SeaWorld San Diego zookeepers are now asking the public to help name the plucky bird, who needed help leaving her shell.

An emperor penguin has hatched for the first time in 13 years at a US zoo.

SeaWorld San Diego welcomed the female chick – who needed help breaking out of her shell – on 12 September, the zoo announced on Wednesday.

“This is the most exciting thing we’ll do all year, potentially all decade,” said Justin Brackett, SeaWorld’s birds curator, in a video provided by the park.

Where do emperor penguins live?

A new emperor penguin chick stands on a surface at SeaWorld in San Diego.
A new emperor penguin chick stands on a surface at SeaWorld in San Diego.KYLE WILLIAMS/SEAWORLD SAN DIEGO/via REUTERS

Listed as a near threatened species by the IUCN, the emperor penguin lives around the coast of Antarctica.

Climate change poses an existential threat to these iconic birds, the largest living penguin species, as it erodes the sea ice on which they depend.

17 emperor penguins live in a minus 5 Celsius habitat at the marine theme park and zoo where the egg was laid on 7 July, SeaWorld said.

Some 300 penguins of several species live in the zoo’s penguin habitat, but SeaWorld staff took special pride in the emperor hatching, said Melissa Ramsey, SeaWorld’s supervisor of birds who helped hatch the penguin.

How did zookeepers help hatch the penguin chick?

Unlike other species that produce multiple eggs a year, the emperor female lays only one egg once a year, Ramsey said in a telephone interview with Reuters.

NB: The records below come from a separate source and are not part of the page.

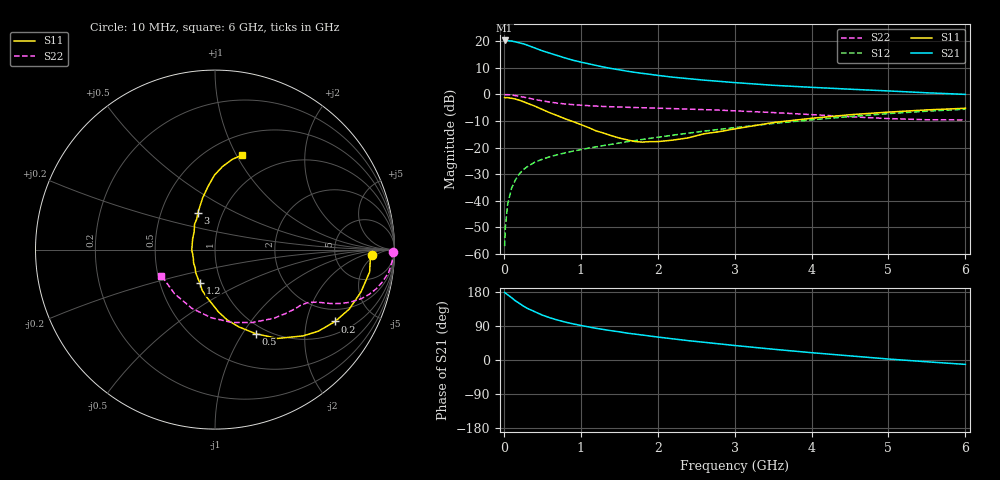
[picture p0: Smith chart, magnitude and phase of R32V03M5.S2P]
! SIEMENS Small Signal Semiconductors
! BFR181
! Si NPN RF Bipolar Junction Transistor in SOT23
! VCE = 2 V  IC = 3.5 mA
! Common Emitter S-Parameters:  May  1996
# GHz  S  MA  R  50
!  f  S11  S21  S12  S22
! GHz  MAG  ANG  MAG  ANG  MAG  ANG  MAG  ANG
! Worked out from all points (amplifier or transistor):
!   36 points, 10 MHz to 6 GHz, reference 50 ohm
!   highest |S21| = 20.3 dB at 10 MHz (marker M1)
!   |S21| within 3 dB of that: start of sweep to 418.5 MHz
!   unconditionally stable (mu >= 1): 1.25 GHz to 3.124 GHz
!   at 250 MHz: K = 0.34, MSG = 23.7 dB, |S12| = -28.4 dB
!   at 1.4 GHz: K = 1.03, MAG = 13.2 dB, |S12| = -18.7 dB
!   at 6 GHz: K = 0.86, MSG = 2.8 dB, |S12| = -5.6 dB
!   S11 on the Smith chart (normalised r, x): 10 MHz: 14, -3; 200 MHz: 1.45, -2.97; 500 MHz: 0.89, -1.15; 1.2 GHz: 0.79, -0.31; 3 GHz: 0.76, +0.33; 6 GHz: 0.70, +1.06
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0.01  0.8743 -1.8  10.35 178.5  0.0014 96.7  0.9942 -0.8
0.02  0.8668 -3.2  10.29 176.6  0.0032 83.1  0.9863 -1.6
0.05  0.8706 -8.2  10.24 172.1  0.0087 85.2  0.9894 -3.8
0.1  0.847 -16.1  10.1 164.6  0.0171 81.9  0.9767 -7.4
0.15  0.8187 -23.8  9.746 156.3  0.0246 76.3  0.9503 -10.9
0.2  0.7797 -30.9  9.353 149.7  0.0318 73.2  0.9241 -13.7
0.25  0.7342 -38.2  8.989 142.9  0.0381 70.0  0.8945 -16.2
0.3  0.6872 -44.4  8.491 136.8  0.0432 68.0  0.8619 -18.4
0.4  0.6051 -54.9  7.5 127.6  0.053 64.0  0.8056 -21.4
0.5  0.5212 -64.1  6.612 118.5  0.0604 61.5  0.7566 -23.4
0.6  0.451 -72.8  5.955 111.4  0.0675 60.0  0.7167 -24.8
0.7  0.3967 -80.3  5.364 105.3  0.0736 59.8  0.6849 -25.8
0.8  0.3466 -87.0  4.835 100.0  0.0798 58.9  0.6611 -26.5
1.1  0.2384 -107.3  3.773 87.4  0.0976 59.6  0.6145 -28.5
1.2  0.206 -114.0  3.504 83.6  0.1033 59.5  0.6034 -29.3
1.6  0.1403 -148.3  2.738 71.0  0.1289 60.8  0.5731 -32.5
2.2  0.1382 154.3  2.107 55.8  0.1716 60.4  0.5408 -39.5
3  0.2244 115.4  1.67 38.3  0.2376 56.9  0.4916 -52.1
3.5  0.2957 103.5  1.486 28.5  0.2837 53.4  0.4561 -63.0
4.5  0.4152 90.4  1.254 10.9  0.3838 43.6  0.3802 -93.2
5.5  0.5117 79.2  1.073 -4.7  0.4835 30.8  0.3335 -132.7
6  0.5493 73.9  1.002 -11.6  0.5278 23.7  0.3318 -154.1

While other penguin males and females share incubation duties, the female emperor usually returns to the sea to feed after laying the egg, leaving the male to incubate the egg for more than two months when it does not eat.

They usually mate for life, the WWF says.

A new emperor penguin chick hatches with assistance at SeaWorld in San Diego.
A new emperor penguin chick hatches with assistance at SeaWorld in San Diego.KYLE WILLIAMS/SEAWORLD SAN DIEGO/via REUTERS

But because the mother did not transfer the egg to the father, SeaWorld staff took the egg into their care and detected movement and noise coming from it on 7 September.

After 72 hours elapsed without progress, the SeaWorld team carefully poked a hole in the egg to help the bird out over the next two days, Ramsey said.

The team later determined the chick had a beak malformation that impeded its hatching, Brackett said.